Le 26 février 2007, Bakchich parlait de « Grand mythomane devant l’éternel, spécialiste des versions successives et contradictoires » à propos d’Imad Lahoud.

090906 lahoud-villepin.jpgQuelques jours plus tard, le 15 mars, c’était au tour de l’hebdomadaire Le Point de confirmer: « habile, fuyant et provocateur, changeant de peau et de registre avec un naturel désarmant, insaisissable et pourtant pris au piège de ses contradictions ».

Les commentaires sur la personnalité du personnage qui est au cœur de l’affaire Clearstream sont multiples, et pourtant tous concordants…

Le 26 novembre 2008, toujours dans Le Point, on apprenait qu’après avoir longtemps nié en être l’auteur, Imad Lahoud reconnaissait les falsifications de fichier, ajoutant avoir effectué au moins une partie de la besogne dans le bureau d'Yves Bertrand, sans toutefois être en mesure de décrire le lieu. Après l’avoir longtemps nié également, il a aussi un jour déclaré avoir rencontré Nicolas Sarkozy à deux reprises en 2004, ce que l’actuel locataire de l’Elysée dément.

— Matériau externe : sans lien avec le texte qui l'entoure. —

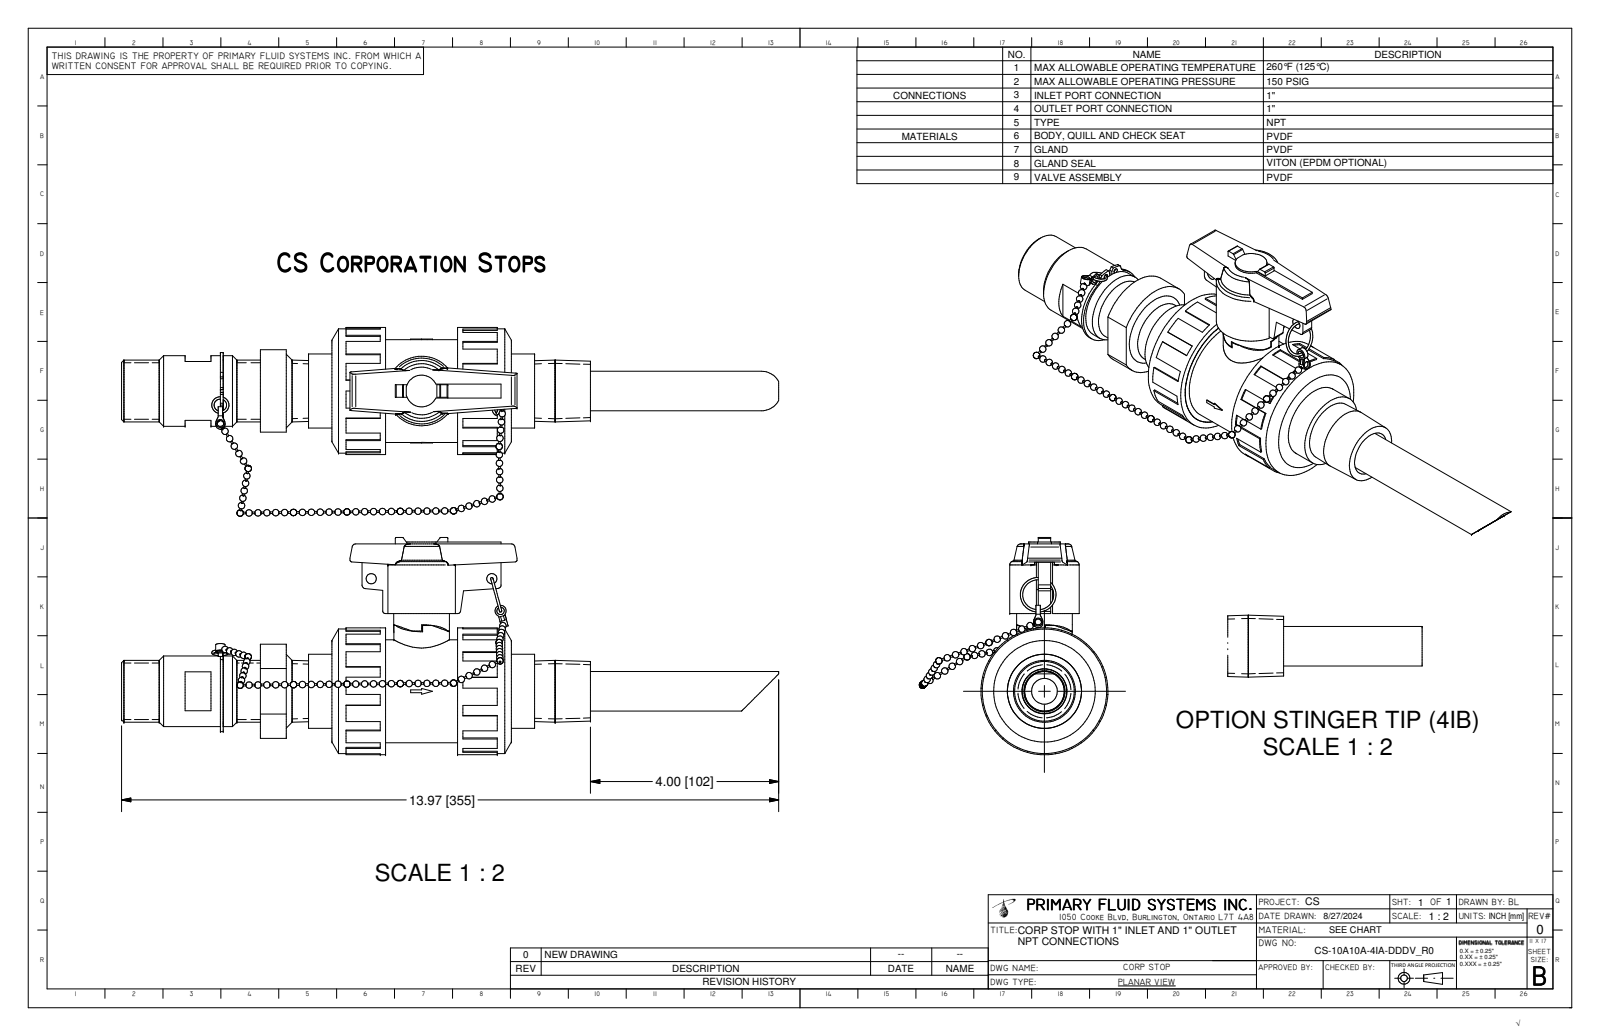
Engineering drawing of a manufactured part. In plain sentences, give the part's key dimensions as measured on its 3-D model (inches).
Its 3-D file was written by "Autodesk Inventor 2025 (CONFIG_CONTROL_DESIGN)". It is 19 solids with 530 faces: 303 planar, 131 cylindrical and 96 other. Overall it measures 13.966 by 4.614 by 4.008 inches. Its volume is 29.1 cubic inches and its surface area 228.8 square inches. Round holes: 2 of diameter 0.098, 2 of diameter 0.15, 2 of diameter 0.157, 2 of diameter 0.217, 1 of diameter 0.546, 1 of diameter 0.875, 1 of diameter 0.957, 1 of diameter 0.984, 1 of diameter 1.26, 1 of diameter 1.306, 1 of diameter 1.386, 1 of diameter 1.575. Round bosses or shafts: 9 of diameter 0.035, 2 of diameter 0.236, 1 of diameter 2.697, 1 of diameter 2.643, 1 of diameter 2.426, 1 of diameter 2.184, 1 of diameter 1.634, 1 of diameter 1.574. Partial cylindrical surfaces (rounded edges, fillets, slot ends): 4 of radius 0.02, 4 of radius 0.079, 2 of radius 0.039, 2 of radius 0.054, 2 of radius 0.059, 2 of radius 0.098, 2 of radius 0.197, 1 of radius 0.337. The main face-to-face distances are 0.907, 2.437, 3.344, 0.906, 2.437, 0.235, 0.235, 1.142, 2.672, 3.579. The hole center spacings are 0.795, 0.295, 0.314, 0.605, 0.708, 0.97, 2.563, 2.832.
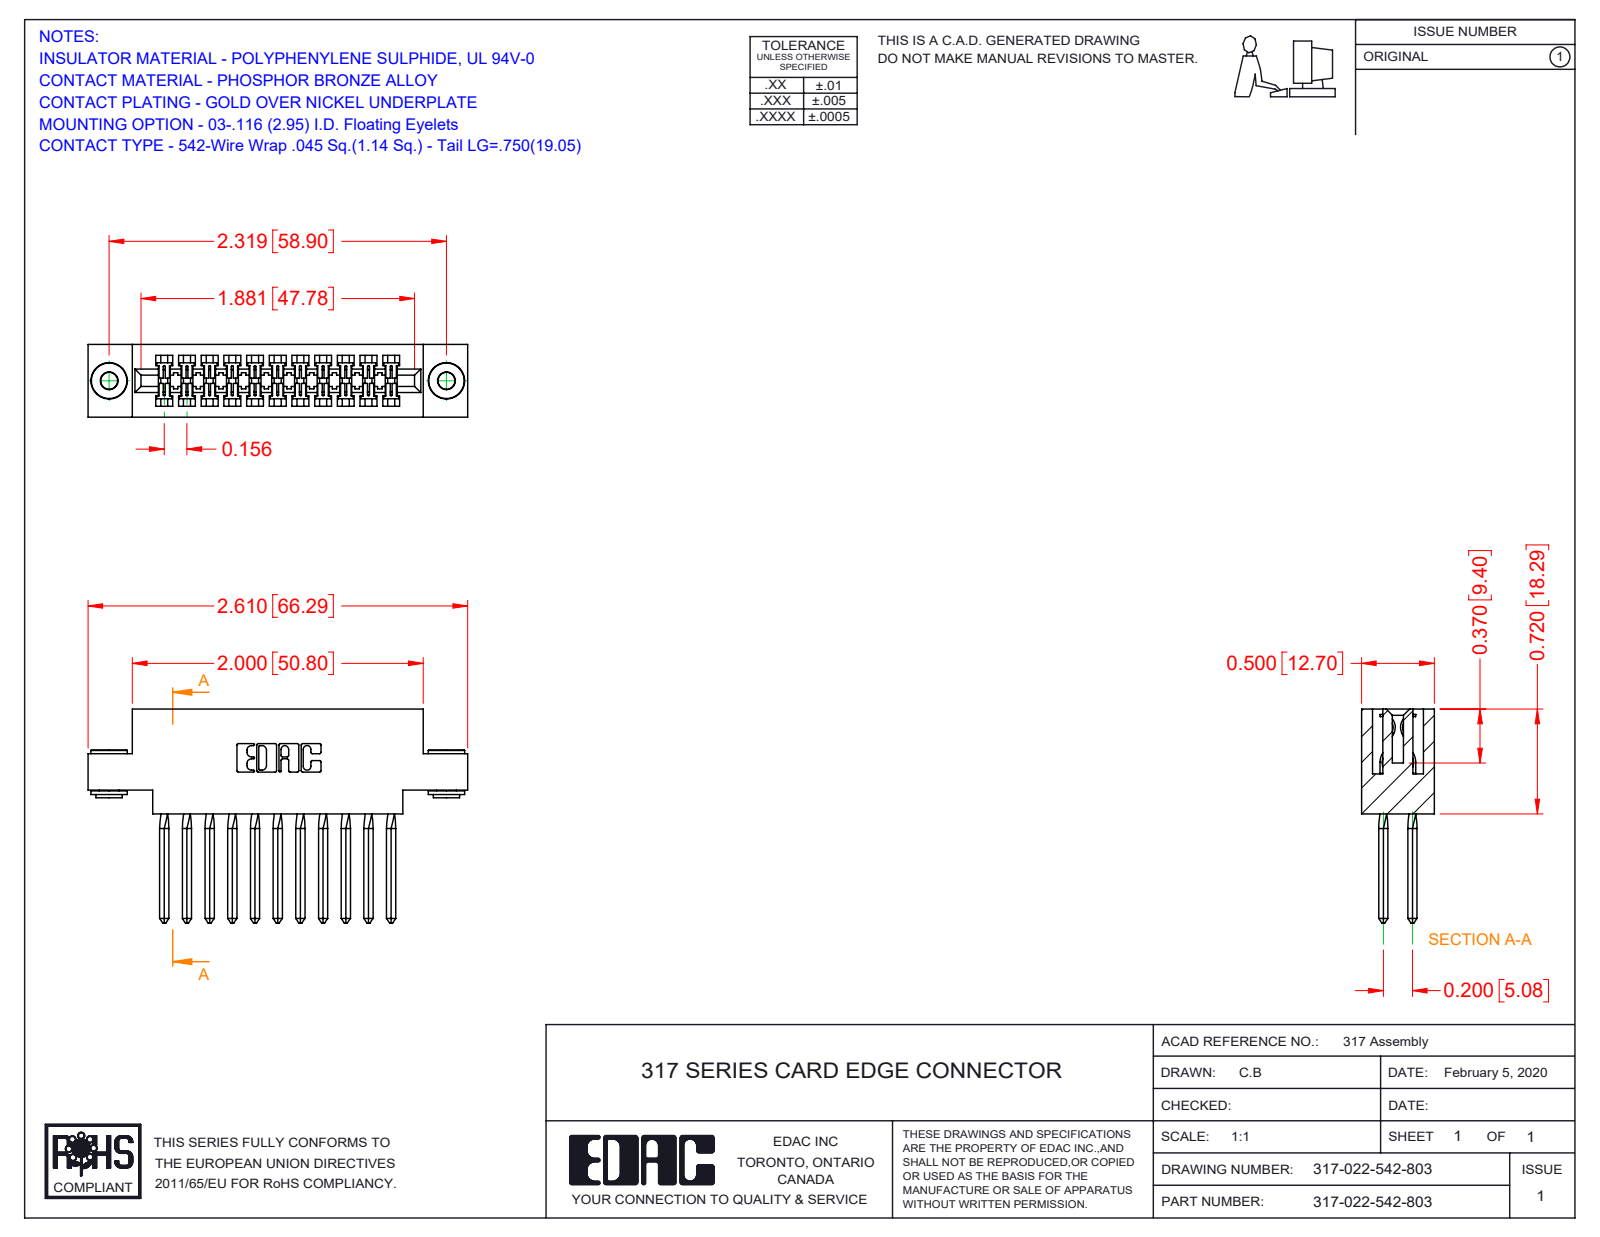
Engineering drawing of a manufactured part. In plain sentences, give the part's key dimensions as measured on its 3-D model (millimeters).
The part is named "345-250-002_345-250-002-102; 317 Part_.156 Dia - TH; 317-290-003_542; 317-022-542-803". Its 3-D file was written by "SolidWorks 2016 (CONFIG_CONTROL_DESIGN)". It is 25 solids with 1394 faces: 1080 planar, 218 cylindrical and 96 other. Overall it measures 66.3 by 37.3 by 12.7 millimeters. Its volume is 9 900 cubic millimeters and its surface area 12 980 square millimeters. Round holes: 2 of diameter 2.9, 2 of diameter 4. Round bosses or shafts: 2 of diameter 6.4, 2 of diameter 4.6, 2 of diameter 3.5. Partial cylindrical surfaces (rounded edges, fillets, slot ends): 44 of radius 0.2, 22 of radius 0.3, 6 of radius 0.2, 6 of radius 0.8, 3 of radius 0.7, 2 of radius 1.9, 2 of radius 2.3, 2 of radius 2.5. The main face-to-face distances are 12.7, 1.9, 10.8, 2.8, 2.9, 5.6, 8.9, 5.1, 3.5, 4. The hole center spacings are 58.9.

Bref, on peut aisément mesurer le crédit à apporter aux révélations du JDD ce week-end.

Mais après que le procureur Marin soit intervenu sur Europe 1, il convient surtout de se demander pourquoi la presse accouche d’une déposition de décembre 2008 près de neuf mois après avoir été recueillie par le juge, à deux semaines seulement du début du procès Clearstream, qui y a intérêt, qui a balancé, et de revenir sur les conditions dans lesquelles les dernières confidences d’Imad Lahoud ont été recueillies.

Ce dernier point n’est pas sans intérêt.

Souvenons-nous que le président de la République, alors qu’il est partie civile dans le dossier, avait différé la mutation du juge Henri Pons afin qu’il puisse clore l’instruction de l’affaire Clearstream. Ainsi, avec son collègue d’Huy, il a pu signer l’ordonnance de renvoi devant le tribunal correctionnel le 17 novembre 2008.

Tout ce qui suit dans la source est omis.